24. this is a stanza about prosody (technical aspects of meter). It’s delightfully witty—i suggest you read it, cuz the lines mimic metrically what he’s saying, so if you only read these notes you’ll miss out on the cleverness and remarkable skill w/ which he’s articulating these precepts:

--some people judge a poem by its meter, “as some to church repair/Not for the doctrine, but the music there.”

--in the next several lines he comments on several metrical techniques: syllabics, open vowels, expletives, “slow” diction, trite sounds, rhymes, bad ideas, tediousness. Don’t be drawn in, he argues, by poets who might be metrically skilled but don’t have anything interesting to say. He says the metrics of a piece should manifest easefully (“True ease in writing comes from art, not chance,/As those move easiest who have learned to dance.”—very nice metaphor and very easefully expressed, we might note.)

--sound should echo sense, and he gives us several lines that both illustrate and exemplify this precept.

--the stanza appears to end w/ P. arguing that music is a natural and timeless quality that we appreciate, so contemporary poets can achieve in that respect what the ancients did.

25. avoid extremes. don’t admire too easily or be too easily disgusted.

26. don’t be prejudiced toward one group or kind of writer. then: value whatever is true.

27. don’t be faddish, or prejudiced toward social status. then: don’t over-admire aristocracy.

28. don’t discount work b/c it’s popular or favor only the latest. don’t be fickle. then: age does not necessarily bring wisdom. then: don’t get caught up in [intellectual?] feuds that may merely make you temporarily popular.

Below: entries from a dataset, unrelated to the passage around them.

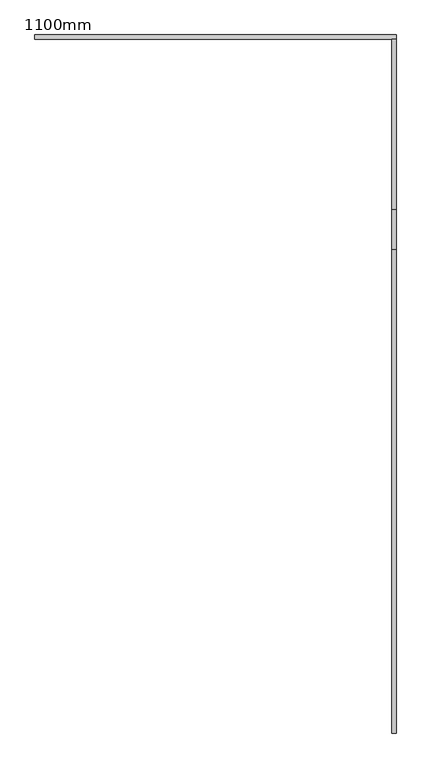
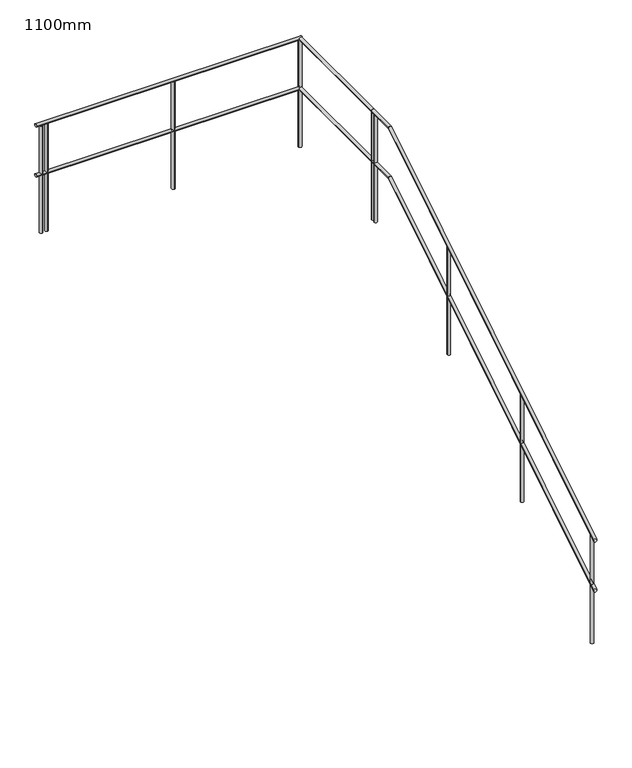
"""IFC4 building model written with IfcOpenShell, lengths in millimetres: railing geometry, 1100mm."""

import ifcopenshell
import ifcopenshell.guid

model = None  # the IFC model being written
_history = None  # IfcOwnerHistory: only IFC2X3 demands one
_inside = {}  # id of a spatial element -> (the spatial element, [elements in it])
_under = {}  # id of a project, library or spatial element -> (it, [spatial elements below it])
_declared = {}  # id of a project -> (the project, [libraries it declares])
_typed = {}  # id of a type object -> (the type object, [elements of that type])
_made_of = {}  # id of a material, layer set ... -> (it, [elements and type objects made of it])


def new_model(schema):
    """Start an empty IFC model of exactly this schema.

    Asked for "IFC4X3", IfcOpenShell would pick the latest addendum, in which some entities
    have other attributes; the version numbers below select the first issue.
    IFC2X3 requires an IfcOwnerHistory on every rooted entity: one is made here for all.
    """
    global model, _history
    if schema == "IFC4X3":
        model = ifcopenshell.file(schema_version=(4, 3, 0, 0))
    else:
        model = ifcopenshell.file(schema=schema)
    _inside.clear()
    _under.clear()
    _declared.clear()
    _typed.clear()
    _made_of.clear()
    _history = None
    if model.schema == "IFC2X3":
        org = make("IfcOrganization", Name="unknown")
        user = make(
            "IfcPersonAndOrganization",
            ThePerson=make("IfcPerson", FamilyName="unknown"),
            TheOrganization=org,
        )
        app = make(
            "IfcApplication",
            ApplicationDeveloper=org,
            Version="unknown",
            ApplicationFullName="unknown",
            ApplicationIdentifier="unknown",
        )
        _history = make(
            "IfcOwnerHistory",
            OwningUser=user,
            OwningApplication=app,
            ChangeAction="ADDED",
            CreationDate=0,
        )
    return model


def make(cls, **values):
    """One entity of the class cls with the attributes given. An attribute that is None is left unset."""
    return model.create_entity(
        cls, **{name: value for name, value in values.items() if value is not None}
    )


def rooted(cls, **values):
    """An entity with a GlobalId (a new one), such as an element, a storey or a relation."""
    return make(cls, GlobalId=ifcopenshell.guid.new(), OwnerHistory=_history, **values)


def si_unit(unit_type, name, prefix=None):
    """IfcSIUnit, for example si_unit("LENGTHUNIT", "METRE", prefix="MILLI")."""
    return make("IfcSIUnit", UnitType=unit_type, Prefix=prefix, Name=name)


def assignment(units):
    """IfcUnitAssignment: the units of a project."""
    return None if units is None else make("IfcUnitAssignment", Units=units)


def point(xyz):
    """IfcCartesianPoint."""
    return None if xyz is None else make("IfcCartesianPoint", Coordinates=xyz)


def direction(xyz):
    """IfcDirection."""
    return None if xyz is None else make("IfcDirection", DirectionRatios=xyz)


def frame(location, z_axis=None, x_axis=None):
    """IfcAxis2Placement3D, a coordinate frame: its origin and axes. An axis left out is left unset."""
    return make(
        "IfcAxis2Placement3D",
        Location=point(location),
        Axis=direction(z_axis),
        RefDirection=direction(x_axis),
    )


def frame_2d(location, x_axis=None):
    """IfcAxis2Placement2D, a coordinate frame in the plane: its origin and x axis."""
    return make(
        "IfcAxis2Placement2D", Location=point(location), RefDirection=direction(x_axis)
    )


def origin():
    """The frame at (0, 0, 0) with its axes left unset."""
    return frame((0.0, 0.0, 0.0))


def place(relative_to, where):
    """IfcLocalPlacement: puts the frame where relative to a parent placement (None: the world)."""
    return make(
        "IfcLocalPlacement", PlacementRelTo=relative_to, RelativePlacement=where
    )


def context(
    kind, dimensions, precision=None, world=None, true_north=None, identifier=None
):
    """IfcGeometricRepresentationContext, for example the 3D "Model" context."""
    return make(
        "IfcGeometricRepresentationContext",
        ContextIdentifier=identifier,
        ContextType=kind,
        CoordinateSpaceDimension=dimensions,
        Precision=precision,
        WorldCoordinateSystem=world,
        TrueNorth=true_north,
    )


def project(units=None, contexts=None):
    """IfcProject with its units and contexts."""
    return rooted(
        "IfcProject",
        Name="project",
        RepresentationContexts=contexts,
        UnitsInContext=assignment(units),
    )


def spatial(cls, under=None, at=None, **own):
    """A site, building, storey or space (cls), placed at a placement, below another one or the project."""
    s = rooted(cls, ObjectPlacement=at, **own)
    if under is not None:
        _under.setdefault(under.id(), (under, []))[1].append(s)
    return s


def circle_curve(where, radius):
    """IfcCircle in the frame where."""
    return make("IfcCircle", Position=where, Radius=radius)


def ellipse_curve(where, semi_axis1, semi_axis2):
    """IfcEllipse in the frame where."""
    return make(
        "IfcEllipse", Position=where, SemiAxis1=semi_axis1, SemiAxis2=semi_axis2
    )


def trimmed(basis, trim1, trim2, sense, master):
    """IfcTrimmedCurve: the piece of a basis curve between two trims."""
    return make(
        "IfcTrimmedCurve",
        BasisCurve=basis,
        Trim1=trim1,
        Trim2=trim2,
        SenseAgreement=sense,
        MasterRepresentation=master,
    )


def segment(curve, same_sense, transition):
    """IfcCompositeCurveSegment."""
    return make(
        "IfcCompositeCurveSegment",
        Transition=transition,
        SameSense=same_sense,
        ParentCurve=curve,
    )


def composite_curve(segments, self_intersect=None):
    """IfcCompositeCurve: segments joined end to end."""
    return make("IfcCompositeCurve", Segments=segments, SelfIntersect=self_intersect)


def outline(outer, holes=None, kind="AREA"):
    """IfcArbitraryClosedProfileDef: a profile drawn as a closed curve; with holes, ...WithVoids."""
    if holes is None:
        return make("IfcArbitraryClosedProfileDef", ProfileType=kind, OuterCurve=outer)
    return make(
        "IfcArbitraryProfileDefWithVoids",
        ProfileType=kind,
        OuterCurve=outer,
        InnerCurves=holes,
    )


def extrude(swept, where, along, depth):
    """IfcExtrudedAreaSolid: the profile swept, set in the frame where, extruded along a direction by depth."""
    return make(
        "IfcExtrudedAreaSolid",
        SweptArea=swept,
        Position=where,
        ExtrudedDirection=direction(along),
        Depth=depth,
    )


def shape(context_of_items, identifier, shape_type, items):
    """IfcShapeRepresentation: the items that make up one representation, for example the "Body"."""
    return make(
        "IfcShapeRepresentation",
        ContextOfItems=context_of_items,
        RepresentationIdentifier=identifier,
        RepresentationType=shape_type,
        Items=items,
    )


def source(mapping_origin, context_of_items, identifier, shape_type, items):
    """IfcRepresentationMap: a shape defined once, which mapped items show again and again."""
    return make(
        "IfcRepresentationMap",
        MappingOrigin=mapping_origin,
        MappedRepresentation=shape(context_of_items, identifier, shape_type, items),
    )


def transform(
    local_origin,
    x_axis=None,
    y_axis=None,
    z_axis=None,
    scale=None,
    scale2=None,
    scale3=None,
    uniform=True,
):
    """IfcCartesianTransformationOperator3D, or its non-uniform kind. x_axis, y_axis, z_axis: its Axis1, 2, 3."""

29. don’t approve only of what you are predisposed to like. then at the end of the stanza (last ten lines or so) he employs a wonderful metaphor to say that envy is evidence of merit and follows it like a shadow, and even praise born from envy will ultimately confirm the greatness of great works.

30. praise works even if no one has praised them yet, if they deserve it.

31. sometimes fame strikes too early (?). he seems to be expounding upon the frailty of a precocious wit.

32. writers that feud are foolish (?). toward the end of the stanza are some very famous lines that argue that we should not be obsequious w/ our praise and that we should be forgiving (“Good nature and good sense must ever join; To err is human, to forgive, divine.”)

33. castigate what is worthy of your vile. then: don’t be flippantly critical. then: be critical of social wrongs. and finally: don’t be corrupted; the corrupt will assume you can be.

PART III.

34. a critic has to be moral.

35. don’t be arrogant, even when yr sure about yrself. speak diffidently.

36. try to instruct people inconspicuously.

37. don’t arrogantly give advice, but nor be too shy.

38. don’t critique dullness too insistently; some critics go on too long.

39. a few remarks on the overly-learned and fastidious critic. then: more remarks on the qualities of the arrogant & foolish critic.

40. qualities of the wise critic.

41. praise for Aristotle (“The mightly Stagyrite”).

42. praise for Horace.

43. praise for Dionysious, a 1st century Greek rhetorician, historian, & critic.

44. praise for Petronious, a 1st century Roman satirist.

45. praise for Quintilian, a 1st century Roman rhetorician.

46. praise for Longinus.

47. a thumbnail assessment of the various ages: Golden Ages of Athens & Rome; then Middle Ages (learning was “over-run”).

48. praise for Erasmus, the Renaissance scholar.

49. praise for Italian Renaissance scholars & artists.

50. praise for post Renaissance flourishing, first in France, then some in England. some praise for some recent English writers, specifically P.’s friend William Walsh, a worthy critic.